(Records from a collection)

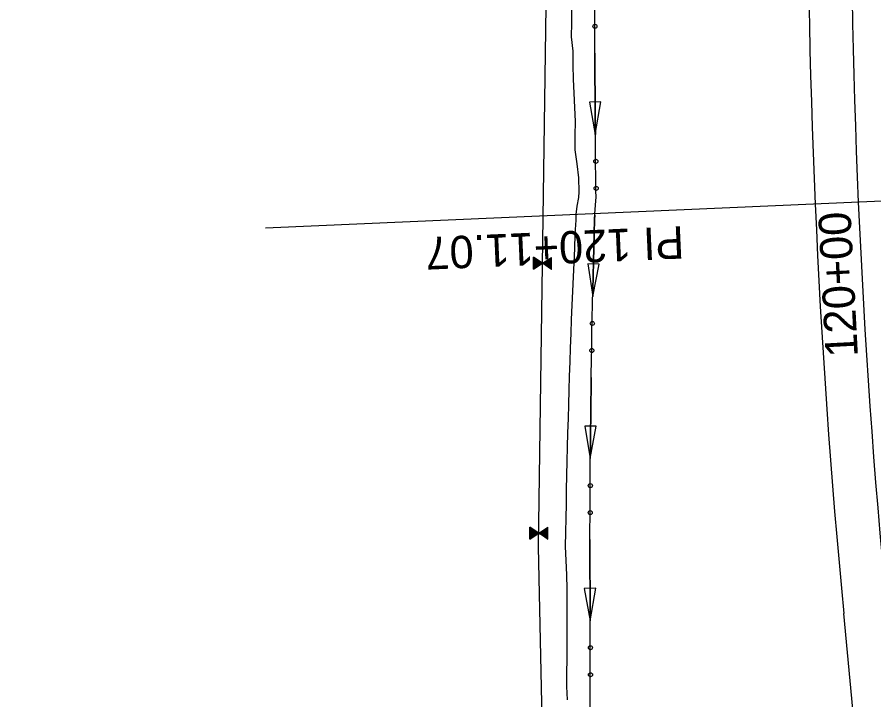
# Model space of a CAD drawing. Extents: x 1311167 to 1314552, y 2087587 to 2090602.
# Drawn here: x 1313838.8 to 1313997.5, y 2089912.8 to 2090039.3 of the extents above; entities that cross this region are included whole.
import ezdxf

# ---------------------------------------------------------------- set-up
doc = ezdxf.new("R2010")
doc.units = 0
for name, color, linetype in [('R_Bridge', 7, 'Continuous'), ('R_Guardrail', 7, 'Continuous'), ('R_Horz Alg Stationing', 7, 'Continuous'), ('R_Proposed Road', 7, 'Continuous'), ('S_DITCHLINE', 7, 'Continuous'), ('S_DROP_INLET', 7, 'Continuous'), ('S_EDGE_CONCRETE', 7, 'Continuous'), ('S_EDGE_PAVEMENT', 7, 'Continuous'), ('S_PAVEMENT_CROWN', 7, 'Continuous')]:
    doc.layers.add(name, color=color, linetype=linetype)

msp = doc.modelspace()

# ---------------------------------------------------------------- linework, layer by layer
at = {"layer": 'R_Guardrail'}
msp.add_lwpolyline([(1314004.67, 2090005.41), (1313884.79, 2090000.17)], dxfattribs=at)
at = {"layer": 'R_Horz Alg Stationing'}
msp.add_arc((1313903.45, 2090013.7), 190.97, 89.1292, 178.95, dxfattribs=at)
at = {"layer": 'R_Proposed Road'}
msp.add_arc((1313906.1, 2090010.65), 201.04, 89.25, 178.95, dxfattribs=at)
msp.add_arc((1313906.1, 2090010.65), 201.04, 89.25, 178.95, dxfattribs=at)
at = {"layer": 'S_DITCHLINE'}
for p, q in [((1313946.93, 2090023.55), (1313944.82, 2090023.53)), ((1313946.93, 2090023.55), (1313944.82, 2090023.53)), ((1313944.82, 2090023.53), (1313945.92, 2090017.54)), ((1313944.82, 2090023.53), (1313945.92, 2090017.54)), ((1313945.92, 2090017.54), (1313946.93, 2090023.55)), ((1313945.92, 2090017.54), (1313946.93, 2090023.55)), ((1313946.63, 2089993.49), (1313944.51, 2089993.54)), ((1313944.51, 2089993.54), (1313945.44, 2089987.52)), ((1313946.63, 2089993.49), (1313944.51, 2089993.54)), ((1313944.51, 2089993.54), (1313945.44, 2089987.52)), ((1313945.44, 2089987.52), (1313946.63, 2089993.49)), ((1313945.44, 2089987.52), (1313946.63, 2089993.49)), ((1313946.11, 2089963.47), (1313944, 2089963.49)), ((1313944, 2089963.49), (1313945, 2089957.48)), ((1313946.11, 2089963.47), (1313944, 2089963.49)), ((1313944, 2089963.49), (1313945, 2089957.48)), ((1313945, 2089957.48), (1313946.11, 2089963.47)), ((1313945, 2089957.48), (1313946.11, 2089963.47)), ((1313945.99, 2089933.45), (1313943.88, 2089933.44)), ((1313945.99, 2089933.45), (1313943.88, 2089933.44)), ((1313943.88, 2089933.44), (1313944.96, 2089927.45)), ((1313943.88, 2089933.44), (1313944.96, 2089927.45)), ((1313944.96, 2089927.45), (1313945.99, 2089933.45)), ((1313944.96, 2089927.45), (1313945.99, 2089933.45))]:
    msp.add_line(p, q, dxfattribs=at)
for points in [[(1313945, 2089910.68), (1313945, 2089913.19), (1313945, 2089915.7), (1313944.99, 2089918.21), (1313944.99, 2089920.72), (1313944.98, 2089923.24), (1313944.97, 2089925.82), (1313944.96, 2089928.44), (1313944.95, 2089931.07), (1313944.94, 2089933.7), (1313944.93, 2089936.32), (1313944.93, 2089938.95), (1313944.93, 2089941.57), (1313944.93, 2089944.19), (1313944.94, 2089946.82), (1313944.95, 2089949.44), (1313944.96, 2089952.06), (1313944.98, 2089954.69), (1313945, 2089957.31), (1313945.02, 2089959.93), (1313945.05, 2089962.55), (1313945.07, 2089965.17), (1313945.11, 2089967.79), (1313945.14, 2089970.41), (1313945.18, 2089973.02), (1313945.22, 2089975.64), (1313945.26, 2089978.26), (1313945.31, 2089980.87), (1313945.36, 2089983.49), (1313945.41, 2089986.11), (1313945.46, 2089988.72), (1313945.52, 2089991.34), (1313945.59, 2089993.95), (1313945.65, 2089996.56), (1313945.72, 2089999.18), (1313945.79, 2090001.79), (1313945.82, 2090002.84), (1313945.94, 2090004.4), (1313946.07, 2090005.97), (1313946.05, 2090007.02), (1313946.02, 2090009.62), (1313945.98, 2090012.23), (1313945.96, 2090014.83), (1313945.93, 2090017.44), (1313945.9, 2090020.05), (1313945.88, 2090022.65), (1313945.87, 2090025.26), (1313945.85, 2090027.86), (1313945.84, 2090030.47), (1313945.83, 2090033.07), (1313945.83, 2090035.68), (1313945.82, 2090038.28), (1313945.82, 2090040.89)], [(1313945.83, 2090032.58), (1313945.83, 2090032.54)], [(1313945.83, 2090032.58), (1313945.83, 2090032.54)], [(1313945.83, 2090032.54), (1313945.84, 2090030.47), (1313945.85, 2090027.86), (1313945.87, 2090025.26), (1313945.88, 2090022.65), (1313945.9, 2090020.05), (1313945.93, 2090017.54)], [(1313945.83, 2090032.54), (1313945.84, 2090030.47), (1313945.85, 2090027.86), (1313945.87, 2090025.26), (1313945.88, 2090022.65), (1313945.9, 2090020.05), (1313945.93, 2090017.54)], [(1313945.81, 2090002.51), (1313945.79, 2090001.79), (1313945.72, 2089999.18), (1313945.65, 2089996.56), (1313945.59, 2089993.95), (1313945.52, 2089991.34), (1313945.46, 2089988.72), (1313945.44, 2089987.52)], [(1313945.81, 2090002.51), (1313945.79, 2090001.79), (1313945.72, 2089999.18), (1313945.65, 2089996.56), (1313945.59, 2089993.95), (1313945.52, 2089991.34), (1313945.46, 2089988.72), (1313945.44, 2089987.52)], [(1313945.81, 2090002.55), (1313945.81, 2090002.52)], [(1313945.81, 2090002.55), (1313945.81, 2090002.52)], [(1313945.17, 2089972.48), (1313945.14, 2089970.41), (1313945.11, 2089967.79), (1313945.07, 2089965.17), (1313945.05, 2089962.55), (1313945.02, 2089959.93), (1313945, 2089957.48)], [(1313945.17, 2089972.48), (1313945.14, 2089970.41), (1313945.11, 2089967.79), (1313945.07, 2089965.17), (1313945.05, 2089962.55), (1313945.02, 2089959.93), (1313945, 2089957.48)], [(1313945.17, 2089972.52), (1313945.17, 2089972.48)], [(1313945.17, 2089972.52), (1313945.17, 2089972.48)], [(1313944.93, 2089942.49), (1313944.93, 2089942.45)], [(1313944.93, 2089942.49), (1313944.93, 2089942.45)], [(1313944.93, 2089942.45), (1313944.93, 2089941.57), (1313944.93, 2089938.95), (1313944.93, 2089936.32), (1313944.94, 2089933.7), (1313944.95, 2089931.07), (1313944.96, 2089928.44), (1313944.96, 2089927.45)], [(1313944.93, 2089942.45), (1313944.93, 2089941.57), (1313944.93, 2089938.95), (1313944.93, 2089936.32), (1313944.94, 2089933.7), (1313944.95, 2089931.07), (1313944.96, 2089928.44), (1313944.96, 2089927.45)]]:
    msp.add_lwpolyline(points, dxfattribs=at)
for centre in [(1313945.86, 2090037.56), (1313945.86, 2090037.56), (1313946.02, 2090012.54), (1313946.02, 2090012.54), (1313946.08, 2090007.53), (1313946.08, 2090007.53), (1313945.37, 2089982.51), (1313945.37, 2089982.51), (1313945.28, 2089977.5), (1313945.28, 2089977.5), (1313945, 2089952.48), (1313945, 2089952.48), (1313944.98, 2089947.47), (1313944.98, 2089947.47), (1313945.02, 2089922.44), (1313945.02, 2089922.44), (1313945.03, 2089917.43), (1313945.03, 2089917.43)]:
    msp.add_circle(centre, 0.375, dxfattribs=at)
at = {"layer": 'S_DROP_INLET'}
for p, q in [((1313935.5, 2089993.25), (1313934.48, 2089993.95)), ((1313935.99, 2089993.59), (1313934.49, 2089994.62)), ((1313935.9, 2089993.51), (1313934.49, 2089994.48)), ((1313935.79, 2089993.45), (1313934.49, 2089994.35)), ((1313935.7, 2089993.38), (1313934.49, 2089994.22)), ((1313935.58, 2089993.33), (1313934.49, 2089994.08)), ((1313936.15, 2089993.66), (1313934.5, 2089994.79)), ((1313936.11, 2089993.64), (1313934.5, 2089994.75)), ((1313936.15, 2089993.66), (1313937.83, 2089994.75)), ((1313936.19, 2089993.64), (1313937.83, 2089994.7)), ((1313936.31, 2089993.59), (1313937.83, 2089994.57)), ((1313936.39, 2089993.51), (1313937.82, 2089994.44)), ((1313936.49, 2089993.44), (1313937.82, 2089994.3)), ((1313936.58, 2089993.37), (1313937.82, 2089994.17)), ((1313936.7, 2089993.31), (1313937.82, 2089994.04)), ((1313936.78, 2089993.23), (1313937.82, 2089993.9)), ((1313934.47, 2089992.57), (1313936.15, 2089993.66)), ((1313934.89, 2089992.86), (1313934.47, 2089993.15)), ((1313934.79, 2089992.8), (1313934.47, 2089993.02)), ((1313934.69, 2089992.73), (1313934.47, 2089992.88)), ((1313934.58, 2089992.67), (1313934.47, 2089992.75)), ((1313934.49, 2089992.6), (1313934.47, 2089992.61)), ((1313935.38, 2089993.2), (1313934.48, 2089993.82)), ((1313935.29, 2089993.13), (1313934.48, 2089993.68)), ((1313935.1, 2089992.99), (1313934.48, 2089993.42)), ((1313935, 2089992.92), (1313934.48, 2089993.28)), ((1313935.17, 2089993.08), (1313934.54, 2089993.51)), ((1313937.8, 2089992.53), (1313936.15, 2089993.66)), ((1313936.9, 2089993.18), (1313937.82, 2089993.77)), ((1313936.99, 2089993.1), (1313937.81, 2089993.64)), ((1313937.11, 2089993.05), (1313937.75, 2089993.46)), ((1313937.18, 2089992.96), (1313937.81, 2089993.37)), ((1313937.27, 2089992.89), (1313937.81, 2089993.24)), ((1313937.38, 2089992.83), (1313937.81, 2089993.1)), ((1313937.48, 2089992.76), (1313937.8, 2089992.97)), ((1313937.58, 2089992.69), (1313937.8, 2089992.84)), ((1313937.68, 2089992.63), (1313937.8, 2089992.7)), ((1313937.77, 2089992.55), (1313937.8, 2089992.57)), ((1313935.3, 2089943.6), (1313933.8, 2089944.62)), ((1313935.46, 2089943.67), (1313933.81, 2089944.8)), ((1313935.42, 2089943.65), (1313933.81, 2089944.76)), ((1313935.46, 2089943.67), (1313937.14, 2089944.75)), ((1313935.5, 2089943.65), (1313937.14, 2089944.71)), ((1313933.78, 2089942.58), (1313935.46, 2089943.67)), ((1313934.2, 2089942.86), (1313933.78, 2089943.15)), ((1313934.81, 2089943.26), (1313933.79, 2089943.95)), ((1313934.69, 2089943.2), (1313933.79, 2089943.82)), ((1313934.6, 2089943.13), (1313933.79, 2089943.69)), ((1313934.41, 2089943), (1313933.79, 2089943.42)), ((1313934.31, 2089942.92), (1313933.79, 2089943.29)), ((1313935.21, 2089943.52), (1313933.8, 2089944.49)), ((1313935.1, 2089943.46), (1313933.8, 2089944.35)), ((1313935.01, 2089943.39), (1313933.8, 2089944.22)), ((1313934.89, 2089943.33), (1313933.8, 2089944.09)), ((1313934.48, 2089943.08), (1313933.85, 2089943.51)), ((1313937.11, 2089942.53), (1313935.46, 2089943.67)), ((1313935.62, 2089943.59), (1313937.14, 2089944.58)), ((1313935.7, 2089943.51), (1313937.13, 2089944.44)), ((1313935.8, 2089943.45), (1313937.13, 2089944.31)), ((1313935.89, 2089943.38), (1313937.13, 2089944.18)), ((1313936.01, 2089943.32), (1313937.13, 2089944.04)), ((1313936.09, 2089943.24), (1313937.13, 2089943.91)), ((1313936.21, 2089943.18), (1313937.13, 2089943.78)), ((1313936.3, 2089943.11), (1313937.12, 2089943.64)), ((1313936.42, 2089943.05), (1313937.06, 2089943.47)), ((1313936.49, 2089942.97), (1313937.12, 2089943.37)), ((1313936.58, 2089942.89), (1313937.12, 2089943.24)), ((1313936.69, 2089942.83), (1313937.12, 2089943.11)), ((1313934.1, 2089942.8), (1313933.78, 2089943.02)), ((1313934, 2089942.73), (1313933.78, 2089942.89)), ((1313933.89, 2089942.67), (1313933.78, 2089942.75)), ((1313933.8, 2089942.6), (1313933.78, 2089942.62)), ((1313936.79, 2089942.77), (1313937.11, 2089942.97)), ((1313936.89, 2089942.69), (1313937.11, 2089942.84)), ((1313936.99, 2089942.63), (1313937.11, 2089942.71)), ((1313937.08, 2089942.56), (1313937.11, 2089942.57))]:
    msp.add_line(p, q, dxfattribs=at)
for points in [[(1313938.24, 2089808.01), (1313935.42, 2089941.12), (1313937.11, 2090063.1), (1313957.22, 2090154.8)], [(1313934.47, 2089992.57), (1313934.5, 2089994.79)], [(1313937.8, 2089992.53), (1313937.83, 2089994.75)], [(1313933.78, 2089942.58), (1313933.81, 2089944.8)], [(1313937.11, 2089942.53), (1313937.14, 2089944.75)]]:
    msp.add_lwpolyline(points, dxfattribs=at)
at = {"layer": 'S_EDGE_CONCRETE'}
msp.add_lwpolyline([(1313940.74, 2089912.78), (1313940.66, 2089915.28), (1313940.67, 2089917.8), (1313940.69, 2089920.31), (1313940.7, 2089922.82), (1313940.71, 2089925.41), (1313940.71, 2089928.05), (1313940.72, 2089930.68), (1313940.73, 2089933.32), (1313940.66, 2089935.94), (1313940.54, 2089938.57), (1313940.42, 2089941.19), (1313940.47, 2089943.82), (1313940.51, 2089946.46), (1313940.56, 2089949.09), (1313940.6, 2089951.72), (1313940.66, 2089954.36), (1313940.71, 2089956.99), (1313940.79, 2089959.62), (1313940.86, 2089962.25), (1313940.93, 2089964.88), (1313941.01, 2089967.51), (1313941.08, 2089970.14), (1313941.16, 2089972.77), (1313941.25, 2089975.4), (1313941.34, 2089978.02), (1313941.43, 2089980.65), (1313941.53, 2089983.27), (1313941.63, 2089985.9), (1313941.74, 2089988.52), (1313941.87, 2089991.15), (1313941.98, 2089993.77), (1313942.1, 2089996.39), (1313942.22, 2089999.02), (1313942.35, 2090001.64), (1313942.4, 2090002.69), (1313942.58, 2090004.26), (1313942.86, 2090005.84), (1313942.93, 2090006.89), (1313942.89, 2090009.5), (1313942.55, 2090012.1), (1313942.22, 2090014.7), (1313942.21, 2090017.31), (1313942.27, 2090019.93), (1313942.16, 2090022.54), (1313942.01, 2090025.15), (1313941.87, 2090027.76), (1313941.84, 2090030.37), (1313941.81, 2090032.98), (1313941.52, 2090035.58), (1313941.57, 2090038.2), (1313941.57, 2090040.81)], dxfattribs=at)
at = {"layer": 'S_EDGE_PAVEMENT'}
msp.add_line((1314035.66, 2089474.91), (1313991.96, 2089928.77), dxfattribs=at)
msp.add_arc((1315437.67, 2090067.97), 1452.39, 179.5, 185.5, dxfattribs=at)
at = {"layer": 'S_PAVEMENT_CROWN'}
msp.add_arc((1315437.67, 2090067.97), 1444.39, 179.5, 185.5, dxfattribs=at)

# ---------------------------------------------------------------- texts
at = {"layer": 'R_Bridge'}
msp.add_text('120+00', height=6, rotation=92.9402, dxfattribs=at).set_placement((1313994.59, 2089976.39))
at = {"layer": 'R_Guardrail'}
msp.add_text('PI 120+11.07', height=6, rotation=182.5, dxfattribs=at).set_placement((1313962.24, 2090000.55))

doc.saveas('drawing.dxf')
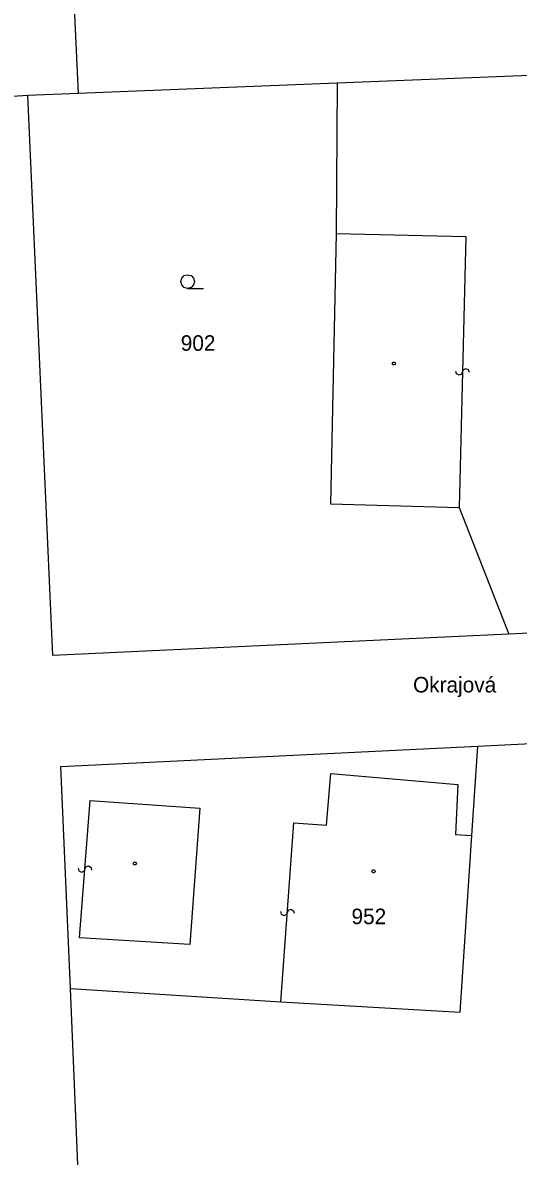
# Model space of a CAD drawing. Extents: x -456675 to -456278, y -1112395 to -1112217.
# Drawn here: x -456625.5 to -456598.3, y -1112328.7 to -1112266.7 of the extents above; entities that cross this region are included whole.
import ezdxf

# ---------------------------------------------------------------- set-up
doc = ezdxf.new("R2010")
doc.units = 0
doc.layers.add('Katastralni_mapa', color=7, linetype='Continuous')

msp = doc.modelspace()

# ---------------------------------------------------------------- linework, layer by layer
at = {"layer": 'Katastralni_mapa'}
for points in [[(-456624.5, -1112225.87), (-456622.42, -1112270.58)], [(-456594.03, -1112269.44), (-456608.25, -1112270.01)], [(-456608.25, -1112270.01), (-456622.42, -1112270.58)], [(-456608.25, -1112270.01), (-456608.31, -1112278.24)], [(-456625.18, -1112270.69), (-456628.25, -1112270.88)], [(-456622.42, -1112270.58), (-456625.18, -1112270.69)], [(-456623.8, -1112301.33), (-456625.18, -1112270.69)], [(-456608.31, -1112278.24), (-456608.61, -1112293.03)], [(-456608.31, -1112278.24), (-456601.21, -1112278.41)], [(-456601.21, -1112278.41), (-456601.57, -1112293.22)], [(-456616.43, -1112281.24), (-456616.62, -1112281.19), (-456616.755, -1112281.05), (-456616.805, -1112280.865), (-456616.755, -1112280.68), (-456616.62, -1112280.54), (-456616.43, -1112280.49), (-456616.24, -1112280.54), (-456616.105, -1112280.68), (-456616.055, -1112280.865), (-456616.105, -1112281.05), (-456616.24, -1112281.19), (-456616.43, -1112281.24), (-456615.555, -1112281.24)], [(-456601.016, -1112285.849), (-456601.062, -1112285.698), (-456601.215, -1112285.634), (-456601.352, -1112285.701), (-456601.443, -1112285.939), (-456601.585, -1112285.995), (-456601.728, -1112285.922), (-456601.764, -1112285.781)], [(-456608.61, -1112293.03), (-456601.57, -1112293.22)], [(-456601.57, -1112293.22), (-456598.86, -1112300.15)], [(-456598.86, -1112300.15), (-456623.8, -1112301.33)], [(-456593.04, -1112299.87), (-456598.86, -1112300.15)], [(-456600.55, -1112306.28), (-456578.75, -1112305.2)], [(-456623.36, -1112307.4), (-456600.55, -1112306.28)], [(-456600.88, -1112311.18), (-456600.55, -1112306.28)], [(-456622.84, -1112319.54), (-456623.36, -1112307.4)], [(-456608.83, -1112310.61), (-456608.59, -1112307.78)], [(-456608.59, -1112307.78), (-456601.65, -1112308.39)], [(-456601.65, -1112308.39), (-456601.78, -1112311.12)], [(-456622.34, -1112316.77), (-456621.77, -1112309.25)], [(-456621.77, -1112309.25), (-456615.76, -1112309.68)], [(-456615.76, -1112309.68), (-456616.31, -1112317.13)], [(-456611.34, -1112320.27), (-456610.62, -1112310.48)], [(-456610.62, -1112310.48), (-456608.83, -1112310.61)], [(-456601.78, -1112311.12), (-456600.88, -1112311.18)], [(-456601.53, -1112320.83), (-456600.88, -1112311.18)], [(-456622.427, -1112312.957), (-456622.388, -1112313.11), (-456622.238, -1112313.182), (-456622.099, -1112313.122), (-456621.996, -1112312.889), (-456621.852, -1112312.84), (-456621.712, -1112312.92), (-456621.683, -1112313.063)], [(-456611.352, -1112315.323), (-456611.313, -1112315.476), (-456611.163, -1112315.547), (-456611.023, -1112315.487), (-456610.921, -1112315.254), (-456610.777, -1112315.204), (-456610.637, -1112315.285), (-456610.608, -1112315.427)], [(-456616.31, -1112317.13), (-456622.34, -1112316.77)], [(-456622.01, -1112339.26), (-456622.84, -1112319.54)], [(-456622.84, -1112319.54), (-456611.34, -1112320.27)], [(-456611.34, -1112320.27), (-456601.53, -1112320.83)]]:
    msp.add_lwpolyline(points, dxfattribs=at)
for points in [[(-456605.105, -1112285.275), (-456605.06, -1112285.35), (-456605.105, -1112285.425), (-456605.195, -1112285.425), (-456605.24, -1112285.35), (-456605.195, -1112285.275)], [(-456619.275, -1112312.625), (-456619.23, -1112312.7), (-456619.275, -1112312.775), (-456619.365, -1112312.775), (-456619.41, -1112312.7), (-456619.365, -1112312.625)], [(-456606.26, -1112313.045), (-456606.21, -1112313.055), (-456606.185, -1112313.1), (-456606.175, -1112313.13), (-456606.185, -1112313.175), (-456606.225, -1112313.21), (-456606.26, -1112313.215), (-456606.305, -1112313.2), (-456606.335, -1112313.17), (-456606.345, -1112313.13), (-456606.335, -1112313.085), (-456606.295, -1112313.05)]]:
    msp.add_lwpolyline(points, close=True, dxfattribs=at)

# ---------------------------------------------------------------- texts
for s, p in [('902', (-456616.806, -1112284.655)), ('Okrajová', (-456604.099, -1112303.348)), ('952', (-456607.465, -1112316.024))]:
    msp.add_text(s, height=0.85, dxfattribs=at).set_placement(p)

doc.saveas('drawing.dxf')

Work required:
Lines from the entries that contain the string "Drawn" are what must be copied.

Output:
# Drawn here: x 1313838.8 to 1313997.5, y 2089912.8 to 2090039.3 of the extents above; entities that cross this region are included whole.
# Drawn here: x -456625.5 to -456598.3, y -1112328.7 to -1112266.7 of the extents above; entities that cross this region are included whole.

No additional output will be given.